A Casual Look at the Bias-Variance Dilemma

Making predictions is one of the main ambitions of the human race. One may have the motivation to forecast almost anything from a sports event to the stock price or his girlfriend’s mood… But the future is a random variable – no one really knows how it’s gonna be, so any prediction is in essence a “guess”. Well, how to guess then? You can simply toss a coin, this is quite convenient, but it certainly does not give the best guess possible. This is where statistics comes to stage, as I define briefly that knowledge field as “the science of guessing”.

While the future is an inherent mystery, the past is an environment where uncertainty doesn’t exist anymore, so it’s only natural and reasonable trying to predict the future based on what has already happened. Roughly, based on elements (a list of \(x_1,x_2,...,x_k\) independent variables) that may have influence on the variable to be predicted (a dependent variable \(y\)), the goal is to try and guess future values of \(y\) by collecting new values of the \(x\)’s (in machine learning, the jargon for this is “supervised learning”). That is, statistics seek to provide the best guess, conditioned to the available information.

Think intuitively: even though the future may bring in stuff completely different from anything seen in the past, it’s reasonable to assume that both future and past share certain patterns, connections that make those two temporal instances a manifestation of the same phenomenon. To get good guesses, a very important concept is called bias-variance dilemma.

What does it mean exactly?

Let’s first discuss “bias”. It’s easy to imagine that in order to accurately predict the future, one must first understand the past well. A predictor that fails to map clearly the characteristics of clearly observed data tends not perform badly for the future. What we call “bias” are the deviations between the observed in the past and the predicted by the proposed model – in short, how well the model is describing the observed data.

alt text

It is natural to think that the better the model describes the sample data, the better it is. But this is not true, since the primary purpose is not to describe the data, but rather to use those to make predictions (or inferences) about the future. This brings us to the “variance” side:

Our goal here is to be able to predict the variable of interest \(y\) based on some elements of the whole population, so we have a major problem from the start, for what we actually see in the sample is only part of the whole phenomenon; so if we simply stick onto describing the already available data, we essencially hoping that the same pattern will repeat in the future, which clearly doesn’t always happens. To be able to generalize what has been observed for future samples – that is, to anticipate something that has not yet happened – one must calibrate the model for it to capture only the “essential” information that actually contributes to a good prediction, instead of fully capturing the patterns of that particular sample, because in doing so, useless information (“noise”) is incorporated at the same time. Basically, by forcing a very accurate description of the sample data, we end up losing in generalization ability, since, in general, the future is not a mere extension of the past.

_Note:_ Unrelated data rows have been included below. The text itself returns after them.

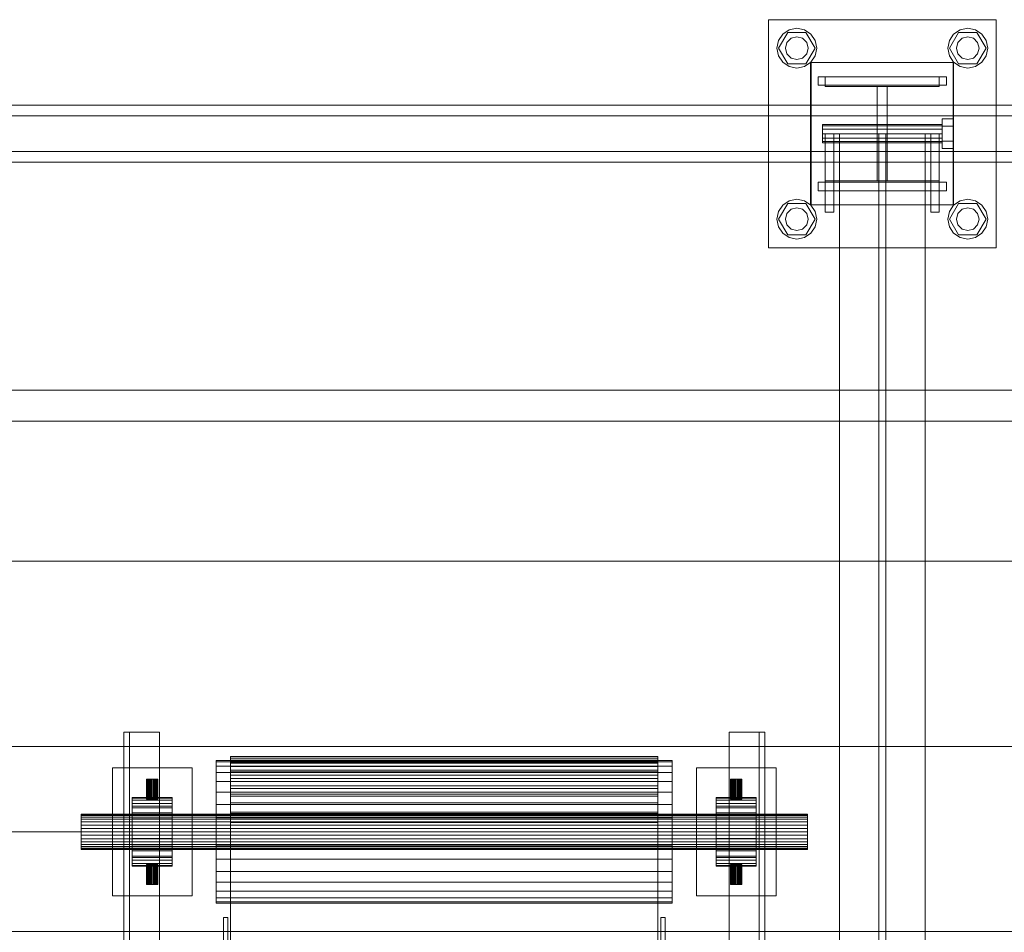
# Model space of a CAD drawing. Header units: millimetres. Extents: x -3490 to 61924, y -72580 to 6847.
# Tile 513 of 656: x 18422 to 19113, y -18130 to -17490. Entities that reach past the tile are written whole.
import ezdxf

# ---------------------------------------------------------------- set-up
doc = ezdxf.new("R2010")
doc.units = ezdxf.units.MM
for name, color, linetype, lineweight in [('COTAS_P', 1, 'Continuous', 0), ('superior_C02', 7, 'Continuous', 0), ('superior_C11', 7, 'Continuous', 0)]:
    doc.layers.add(name, color=color, linetype=linetype, lineweight=lineweight)
doc.dimstyles.new('R19_100', dxfattribs={"dimtxt": 250, "dimasz": 150, "dimexe": 150, "dimexo": 80, "dimgap": 100, "dimtad": 1, "dimtih": 1, "dimtoh": 1, "dimdsep": 46, "dimcen": 0.09, "dimadec": 0, "dimazin": 0, "dimtfac": 1, "dimtdec": 4, "dimtofl": 0, "dimtmove": 0, "dimatfit": 3, "dimfxl": 1, "dimtolj": 1, "dimtzin": 0, "dimarcsym": 0})

# ---------------------------------------------------------------- blocks, each defined once
blk = doc.blocks.new('DIM_R29_39')
at = {"layer": 'COTAS_P'}
for p, q in [((17820, -18060), (17775, -18210)), ((18720, -18060), (17820, -18060)), ((17820, -21300), (17820, -18060)), ((17820, -18060), (17865, -18210)), ((17820, -21300), (17775, -21150)), ((17820, -21300), (17865, -21150)), ((18720, -21300), (17820, -21300))]:
    blk.add_line(p, q, dxfattribs=at)
blk.add_text('3240 P', height=250, rotation=90, dxfattribs=at).set_placement((17720, -19680))

msp = doc.modelspace()

# ---------------------------------------------------------------- linework, layer by layer
at = {"layer": 'superior_C02'}
for p, q in [((18947.51, -17650), (18947.51, -17490)), ((18947.51, -17490), (19107.51, -17490)), ((19107.51, -17490), (19107.51, -17650)), ((18954.575, -17504.642), (18957.61, -17500.101)), ((18954.71, -17510), (18961.11, -17498.915)), ((18957.61, -17500.101), (18962.152, -17497.066)), ((18961.11, -17498.915), (18973.91, -17498.915)), ((18962.152, -17497.066), (18967.51, -17496)), ((18967.51, -17496), (18972.867, -17497.066)), ((18972.867, -17497.066), (18977.409, -17500.101)), ((18973.91, -17498.915), (18980.31, -17510)), ((18977.409, -17500.101), (18980.444, -17504.642)), ((19074.575, -17504.642), (19077.61, -17500.101)), ((19074.71, -17510), (19081.11, -17498.915)), ((19077.61, -17500.101), (19082.152, -17497.066)), ((19081.11, -17498.915), (19093.91, -17498.915)), ((19082.152, -17497.066), (19087.51, -17496)), ((19087.51, -17496), (19092.867, -17497.066)), ((19092.867, -17497.066), (19097.409, -17500.101)), ((19093.91, -17498.915), (19100.31, -17510)), ((19097.409, -17500.101), (19100.444, -17504.642)), ((18953.51, -17510), (18954.575, -17504.642)), ((18959.51, -17510), (18960.581, -17506)), ((18960.581, -17506), (18963.51, -17503.072)), ((18963.51, -17503.072), (18967.51, -17502)), ((18967.51, -17502), (18971.51, -17503.072)), ((18971.51, -17503.072), (18974.438, -17506)), ((18974.438, -17506), (18975.51, -17510)), ((18980.444, -17504.642), (18981.51, -17510)), ((19073.51, -17510), (19074.575, -17504.642)), ((19079.51, -17510), (19080.581, -17506)), ((19080.581, -17506), (19083.51, -17503.072)), ((19083.51, -17503.072), (19087.51, -17502)), ((19087.51, -17502), (19091.51, -17503.072)), ((19091.51, -17503.072), (19094.438, -17506)), ((19094.438, -17506), (19095.51, -17510)), ((19100.444, -17504.642), (19101.51, -17510)), ((18954.575, -17515.358), (18953.51, -17510)), ((18961.11, -17521.085), (18954.71, -17510)), ((18960.581, -17514), (18959.51, -17510)), ((18963.51, -17516.928), (18960.581, -17514)), ((18974.438, -17514), (18971.51, -17516.928)), ((18980.31, -17510), (18973.91, -17521.085)), ((18975.51, -17510), (18974.438, -17514)), ((18981.51, -17510), (18980.444, -17515.358)), ((19074.575, -17515.358), (19073.51, -17510)), ((19081.11, -17521.085), (19074.71, -17510)), ((19080.581, -17514), (19079.51, -17510)), ((19083.51, -17516.928), (19080.581, -17514)), ((19094.438, -17514), (19091.51, -17516.928)), ((19100.31, -17510), (19093.91, -17521.085)), ((19095.51, -17510), (19094.438, -17514)), ((19101.51, -17510), (19100.444, -17515.358)), ((18957.61, -17519.899), (18954.575, -17515.358)), ((18962.152, -17522.934), (18957.61, -17519.899)), ((18973.91, -17521.085), (18961.11, -17521.085)), ((18967.51, -17518), (18963.51, -17516.928)), ((18971.51, -17516.928), (18967.51, -17518)), ((18977.409, -17519.899), (18972.867, -17522.934)), ((18977.212, -17620), (18977.212, -17520)), ((18977.212, -17520), (19077.212, -17520)), ((18980.444, -17515.358), (18977.409, -17519.899)), ((18977.51, -17620), (18977.51, -17520)), ((18977.51, -17520), (19077.51, -17520)), ((19077.61, -17519.899), (19074.575, -17515.358)), ((19077.212, -17520), (19077.212, -17620)), ((19077.51, -17520), (19077.51, -17620)), ((19082.152, -17522.934), (19077.61, -17519.899)), ((19093.91, -17521.085), (19081.11, -17521.085)), ((19087.51, -17518), (19083.51, -17516.928)), ((19091.51, -17516.928), (19087.51, -17518)), ((19097.409, -17519.899), (19092.867, -17522.934)), ((19100.444, -17515.358), (19097.409, -17519.899)), ((18967.51, -17524), (18962.152, -17522.934)), ((18972.867, -17522.934), (18967.51, -17524)), ((19087.51, -17524), (19082.152, -17522.934)), ((19092.867, -17522.934), (19087.51, -17524)), ((18982.51, -17530), (19072.51, -17530)), ((18982.51, -17536), (18982.51, -17530)), ((18987.51, -17537), (18987.51, -17530)), ((18987.51, -17530), (19067.51, -17530)), ((19067.51, -17530), (19067.51, -17537)), ((19072.51, -17536), (19072.51, -17530)), ((18982.51, -17536), (19072.51, -17536)), ((19067.51, -17537), (18987.51, -17537)), ((19024.01, -17603), (19024.01, -17537)), ((19024.01, -17537), (19031.01, -17537)), ((19031.01, -17537), (19031.01, -17603)), ((19339.287, -17550), (18193.828, -17550)), ((18205.75, -17550), (19351.209, -17550)), ((19394.427, -17550), (18248.967, -17550)), ((18263.87, -17550), (19409.329, -17550)), ((19338.593, -17557.5), (18249.764, -17557.5)), ((18263.073, -17557.5), (19351.903, -17557.5)), ((19069.51, -17564.8), (19069.51, -17559.6)), ((19077.51, -17559.6), (19069.51, -17559.6)), ((19077.51, -17559.6), (19077.51, -17564.8)), ((18985.51, -17564.457), (18985.51, -17563.6)), ((19069.51, -17563.6), (18985.51, -17563.6)), ((18985.51, -17564.457), (18985.51, -17566.8)), ((18985.51, -17564.457), (19069.51, -17564.457)), ((18985.51, -17566.8), (18985.51, -17570)), ((18985.51, -17566.8), (19069.51, -17566.8)), ((18985.51, -17570), (18985.51, -17573.2)), ((18985.51, -17570), (19069.51, -17570)), ((18987.51, -17570), (18987.51, -17625)), ((18987.51, -17570), (18993.51, -17570)), ((18993.51, -17570), (18993.51, -17625)), ((19057.51, -17570), (18997.51, -17570)), ((18997.51, -17570), (18997.51, -18430)), ((19030.01, -17570), (19025.01, -17570)), ((19025.01, -17570), (19025.01, -18430)), ((19030.01, -18430), (19030.01, -17570)), ((19057.51, -18430), (19057.51, -17570)), ((19061.51, -17570), (19061.51, -17625)), ((19061.51, -17570), (19067.51, -17570)), ((19067.51, -17570), (19067.51, -17625)), ((19069.51, -17563.6), (19069.51, -17564.457)), ((19069.51, -17564.457), (19069.51, -17566.8)), ((19069.51, -17564.8), (19069.51, -17575.2)), ((19069.51, -17564.8), (19077.51, -17564.8)), ((19069.51, -17566.8), (19069.51, -17570)), ((19069.51, -17570), (19069.51, -17573.2)), ((19077.51, -17564.8), (19077.51, -17575.2)), ((18985.51, -17573.2), (18985.51, -17575.543)), ((18985.51, -17573.2), (19069.51, -17573.2)), ((18985.51, -17575.543), (18985.51, -17576.4)), ((18985.51, -17575.543), (19069.51, -17575.543)), ((18985.51, -17576.4), (19069.51, -17576.4)), ((19069.51, -17573.2), (19069.51, -17575.543)), ((19069.51, -17575.2), (19069.51, -17580.4)), ((19069.51, -17575.2), (19077.51, -17575.2)), ((19069.51, -17575.543), (19069.51, -17576.4)), ((19077.51, -17575.2), (19077.51, -17580.4)), ((18249.764, -17582.5), (19338.593, -17582.5)), ((18263.073, -17582.5), (19351.903, -17582.5)), ((19069.51, -17580.4), (19077.51, -17580.4)), ((18193.828, -17590), (19339.287, -17590)), ((18205.75, -17590), (19351.209, -17590)), ((18248.967, -17590), (19394.427, -17590)), ((18263.87, -17590), (19409.329, -17590)), ((18982.51, -17604), (19072.51, -17604)), ((18982.51, -17610), (18982.51, -17604)), ((18987.51, -17610), (18987.51, -17603)), ((18987.51, -17603), (19067.51, -17603)), ((19031.01, -17603), (19024.01, -17603)), ((19067.51, -17603), (19067.51, -17610)), ((19072.51, -17610), (19072.51, -17604)), ((18982.51, -17610), (19072.51, -17610)), ((19067.51, -17610), (18987.51, -17610)), ((18957.61, -17620.101), (18962.152, -17617.066)), ((18962.152, -17617.066), (18967.51, -17616)), ((18967.51, -17616), (18972.867, -17617.066)), ((18972.867, -17617.066), (18977.409, -17620.101)), ((19077.61, -17620.101), (19082.152, -17617.066)), ((19082.152, -17617.066), (19087.51, -17616)), ((19087.51, -17616), (19092.867, -17617.066)), ((19092.867, -17617.066), (19097.409, -17620.101)), ((18953.51, -17630), (18954.575, -17624.642)), ((18954.575, -17624.642), (18957.61, -17620.101)), ((18954.71, -17630), (18961.11, -17618.915)), ((18960.581, -17626), (18963.51, -17623.072)), ((18961.11, -17618.915), (18973.91, -17618.915)), ((18963.51, -17623.072), (18967.51, -17622)), ((18967.51, -17622), (18971.51, -17623.072)), ((18971.51, -17623.072), (18974.438, -17626)), ((18973.91, -17618.915), (18980.31, -17630)), ((19077.212, -17620), (18977.212, -17620)), ((18977.409, -17620.101), (18980.444, -17624.642)), ((19077.51, -17620), (18977.51, -17620)), ((18980.444, -17624.642), (18981.51, -17630)), ((18987.51, -17625), (18993.51, -17625)), ((19061.51, -17625), (19067.51, -17625)), ((19073.51, -17630), (19074.575, -17624.642)), ((19074.575, -17624.642), (19077.61, -17620.101)), ((19074.71, -17630), (19081.11, -17618.915)), ((19080.581, -17626), (19083.51, -17623.072)), ((19081.11, -17618.915), (19093.91, -17618.915)), ((19083.51, -17623.072), (19087.51, -17622)), ((19087.51, -17622), (19091.51, -17623.072)), ((19091.51, -17623.072), (19094.438, -17626)), ((19093.91, -17618.915), (19100.31, -17630)), ((19097.409, -17620.101), (19100.444, -17624.642)), ((19100.444, -17624.642), (19101.51, -17630)), ((18954.575, -17635.358), (18953.51, -17630)), ((18961.11, -17641.085), (18954.71, -17630)), ((18959.51, -17630), (18960.581, -17626)), ((18960.581, -17634), (18959.51, -17630)), ((18980.31, -17630), (18973.91, -17641.085)), ((18974.438, -17626), (18975.51, -17630)), ((18975.51, -17630), (18974.438, -17634)), ((18981.51, -17630), (18980.444, -17635.358)), ((19074.575, -17635.358), (19073.51, -17630)), ((19081.11, -17641.085), (19074.71, -17630)), ((19079.51, -17630), (19080.581, -17626)), ((19080.581, -17634), (19079.51, -17630)), ((19100.31, -17630), (19093.91, -17641.085)), ((19094.438, -17626), (19095.51, -17630)), ((19095.51, -17630), (19094.438, -17634)), ((19101.51, -17630), (19100.444, -17635.358)), ((18957.61, -17639.899), (18954.575, -17635.358)), ((18963.51, -17636.928), (18960.581, -17634)), ((18967.51, -17638), (18963.51, -17636.928)), ((18971.51, -17636.928), (18967.51, -17638)), ((18974.438, -17634), (18971.51, -17636.928)), ((18980.444, -17635.358), (18977.409, -17639.899)), ((19077.61, -17639.899), (19074.575, -17635.358)), ((19083.51, -17636.928), (19080.581, -17634)), ((19087.51, -17638), (19083.51, -17636.928)), ((19091.51, -17636.928), (19087.51, -17638)), ((19094.438, -17634), (19091.51, -17636.928)), ((19100.444, -17635.358), (19097.409, -17639.899)), ((18962.152, -17642.934), (18957.61, -17639.899)), ((18973.91, -17641.085), (18961.11, -17641.085)), ((18967.51, -17644), (18962.152, -17642.934)), ((18972.867, -17642.934), (18967.51, -17644)), ((18977.409, -17639.899), (18972.867, -17642.934)), ((19082.152, -17642.934), (19077.61, -17639.899)), ((19093.91, -17641.085), (19081.11, -17641.085)), ((19087.51, -17644), (19082.152, -17642.934)), ((19092.867, -17642.934), (19087.51, -17644)), ((19097.409, -17639.899), (19092.867, -17642.934)), ((19107.51, -17650), (18947.51, -17650)), ((15575.415, -17750), (24634.01, -17750)), ((24635.508, -17750), (15576.913, -17750)), ((18224.729, -17771.702), (19160.686, -17771.702)), ((19162.465, -17771.702), (18226.507, -17771.702)), ((18245.131, -17870), (19181.088, -17870)), ((19182.867, -17870), (18246.91, -17870)), ((18245.131, -18000), (19181.088, -18000)), ((19182.867, -18000), (18246.91, -18000)), ((18245.131, -18130), (19181.088, -18130)), ((19182.867, -18130), (18246.91, -18130))]:
    msp.add_line(p, q, dxfattribs=at)
at = {"layer": 'superior_C11'}
for p, q in [((18495, -21370), (18495, -17990)), ((18495, -17990), (18499, -17990)), ((18495, -17990), (18520, -17990)), ((18499, -17990), (18499, -21370)), ((18520, -17990), (18520, -21370)), ((18920, -21370), (18920, -17990)), ((18920, -17990), (18945, -17990)), ((18941, -21370), (18941, -17990)), ((18941, -17990), (18945, -17990)), ((18945, -17990), (18945, -21370)), ((18560, -18010), (18560, -18010.961)), ((18560, -18010), (18880, -18010)), ((18560, -18010.961), (18560, -18013.806)), ((18880, -18010.961), (18560, -18010.961)), ((18570, -18007.453), (18570, -18007)), ((18570, -18007), (18570, -18010)), ((18870, -18007), (18570, -18007)), ((18570, -18008.806), (18570, -18007.453)), ((18570, -18007.453), (18570, -18010.428)), ((18870, -18007.453), (18570, -18007.453)), ((18570, -18011.034), (18570, -18008.806)), ((18570, -18008.806), (18570, -18011.704)), ((18870, -18008.806), (18570, -18008.806)), ((18570, -18010), (18570, -18010.428)), ((18570, -18010), (18870, -18010)), ((18570, -18010.428), (18570, -18011.704)), ((18570, -18010.428), (18870, -18010.428)), ((18570, -18014.101), (18570, -18011.034)), ((18570, -18011.034), (18570, -18013.806)), ((18870, -18011.034), (18570, -18011.034)), ((18570, -18011.704), (18570, -18013.806)), ((18570, -18011.704), (18870, -18011.704)), ((18870, -18010), (18870, -18007)), ((18870, -18007), (18870, -18007.453)), ((18870, -18010.428), (18870, -18007.453)), ((18870, -18007.453), (18870, -18008.806)), ((18870, -18011.704), (18870, -18008.806)), ((18870, -18008.806), (18870, -18011.034)), ((18870, -18010.428), (18870, -18010)), ((18870, -18011.704), (18870, -18010.428)), ((18870, -18013.806), (18870, -18011.034)), ((18870, -18011.034), (18870, -18014.101)), ((18870, -18013.806), (18870, -18011.704)), ((18880, -18010.961), (18880, -18010)), ((18880, -18010.961), (18880, -18013.806)), ((18487, -18105), (18487, -18015)), ((18487, -18015), (18543, -18015)), ((18543, -18015), (18543, -18105)), ((18560, -18013.806), (18560, -18018.427)), ((18880, -18013.806), (18560, -18013.806)), ((18560, -18018.427), (18560, -18024.645)), ((18880, -18018.427), (18560, -18018.427)), ((18570, -18013.806), (18570, -18016.699)), ((18570, -18013.806), (18870, -18013.806)), ((18570, -18017.952), (18570, -18014.101)), ((18570, -18014.101), (18570, -18016.699)), ((18870, -18014.101), (18570, -18014.101)), ((18570, -18016.699), (18570, -18020.332)), ((18570, -18016.699), (18870, -18016.699)), ((18570, -18022.523), (18570, -18017.952)), ((18570, -18017.952), (18570, -18020.332)), ((18870, -18017.952), (18570, -18017.952)), ((18870, -18016.699), (18870, -18013.806)), ((18870, -18016.699), (18870, -18014.101)), ((18870, -18014.101), (18870, -18017.952)), ((18870, -18020.332), (18870, -18016.699)), ((18870, -18020.332), (18870, -18017.952)), ((18870, -18017.952), (18870, -18022.523)), ((18880, -18013.806), (18880, -18018.427)), ((18880, -18018.427), (18880, -18024.645)), ((18897, -18105), (18897, -18015)), ((18897, -18015), (18953, -18015)), ((18953, -18015), (18953, -18105)), ((18511, -18023), (18511.077, -18023)), ((18511, -18023), (18511, -18037)), ((18511.077, -18023), (18511.304, -18023)), ((18511.077, -18037), (18511.077, -18023)), ((18511.304, -18023), (18511.674, -18023)), ((18511.304, -18037), (18511.304, -18023)), ((18511.674, -18023), (18512.172, -18023)), ((18511.674, -18037), (18511.674, -18023)), ((18512.172, -18023), (18512.778, -18023)), ((18512.172, -18037), (18512.172, -18023)), ((18512.778, -18023), (18513.469, -18023)), ((18512.778, -18037), (18512.778, -18023)), ((18513.469, -18023), (18514.22, -18023)), ((18513.469, -18037), (18513.469, -18023)), ((18514.22, -18023), (18515, -18023)), ((18514.22, -18037), (18514.22, -18023)), ((18515, -18023), (18515.78, -18023)), ((18515, -18037), (18515, -18023)), ((18515.78, -18023), (18516.531, -18023)), ((18515.78, -18037), (18515.78, -18023)), ((18516.531, -18023), (18517.222, -18023)), ((18516.531, -18037), (18516.531, -18023)), ((18517.222, -18023), (18517.828, -18023)), ((18517.222, -18037), (18517.222, -18023)), ((18517.828, -18023), (18518.326, -18023)), ((18517.828, -18037), (18517.828, -18023)), ((18518.326, -18023), (18518.696, -18023)), ((18518.326, -18037), (18518.326, -18023)), ((18518.696, -18023), (18518.923, -18023)), ((18518.696, -18037), (18518.696, -18023)), ((18518.923, -18023), (18519, -18023)), ((18518.923, -18037), (18518.923, -18023)), ((18519, -18037), (18519, -18023)), ((18560, -18024.645), (18560, -18032.221)), ((18880, -18024.645), (18560, -18024.645)), ((18570, -18020.332), (18570, -18024.645)), ((18570, -18020.332), (18870, -18020.332)), ((18570, -18027.736), (18570, -18022.523)), ((18570, -18022.523), (18570, -18024.645)), ((18870, -18022.523), (18570, -18022.523)), ((18570, -18024.645), (18570, -18029.562)), ((18570, -18024.645), (18870, -18024.645)), ((18870, -18024.645), (18870, -18020.332)), ((18870, -18024.645), (18870, -18022.523)), ((18870, -18022.523), (18870, -18027.736)), ((18870, -18029.562), (18870, -18024.645)), ((18880, -18024.645), (18880, -18032.221)), ((18921, -18023), (18921.077, -18023)), ((18921, -18023), (18921, -18037)), ((18921.077, -18023), (18921.304, -18023)), ((18921.077, -18037), (18921.077, -18023)), ((18921.304, -18023), (18921.674, -18023)), ((18921.304, -18037), (18921.304, -18023)), ((18921.674, -18023), (18922.172, -18023)), ((18921.674, -18037), (18921.674, -18023)), ((18922.172, -18023), (18922.778, -18023)), ((18922.172, -18037), (18922.172, -18023)), ((18922.778, -18023), (18923.469, -18023)), ((18922.778, -18037), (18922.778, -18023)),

Models that describe the data of a sample excessively well tend to introduce a lot of complexity and volatility, thus hindering the generalization ability. In the philosophy of science there is a principle called Occam’s razor (the statisticians know it as the “principle of parsimony”, popular culture has adopted a rather pushy mnemonic:

“KISS – keep it simple, stupid“

Basically, it means that between models with the same explanatory power, the simplest of them is the best, because it presents the same quality with a lower cost.

By now, you should have realized that we indeed face a dilemma, as the ideal scenario demands two desirable but contradictory features: we want a model that describes well the available data AND is capable of generalizing for future data. If we fit a model that misrepresents past data (“under-fitting”), the model is kinda unreliable from the start. On the other hand, an over-adjustment (“over-fitting”) ends up assuming that the future will repeat the past, so the model tends to provide a poor prediction even for observations that follow just slightly different trends than the one showed in past data.

The bias-variance dilemma is very important in the mathematical modelling: the quality of a model depends directly on the variables considered, and the optimal middle ground between incorporating useful variables and discarding useless variables can be quite a challenge. Let’s look at a simple example: Suppose that we want to construct a model to predict a company’s stock price. Is to be expected that the economic performance of that company influences decisively on the stock price, so we can put as variables some indicators like index of profitability and liquidity, the company’s market share, number of subsidiaries, and so on.

For instance, we could put “CEO’s scholarity” as an explanatory variable; It is to be expected that a manager with a more robust academic background can increase the value of the company, but the relationship doesn’t seem that straightforward… We could insert as a variable whether the CEO is right-handed, left-handed or ambidextrous, but this information tends not to influence the predicted variable at all, and the introduction of this variable would end up polluting the model with an unnecessary complexity.

Note that there’re no limits to the researcher’s creativity, and theoretically we could put a gigantic number of variables. But as less relevant variables are inserted, there comes a time when the “variance” introduced by the new variable does not compensate for the explanatory power that it adds to the model.

Knowing how to find the ideal middle ground between bias and variance is not an easy task, there are several techniques to aid us with this, such as cross-validation and dimensionality reduction, we can address these topics in future posts.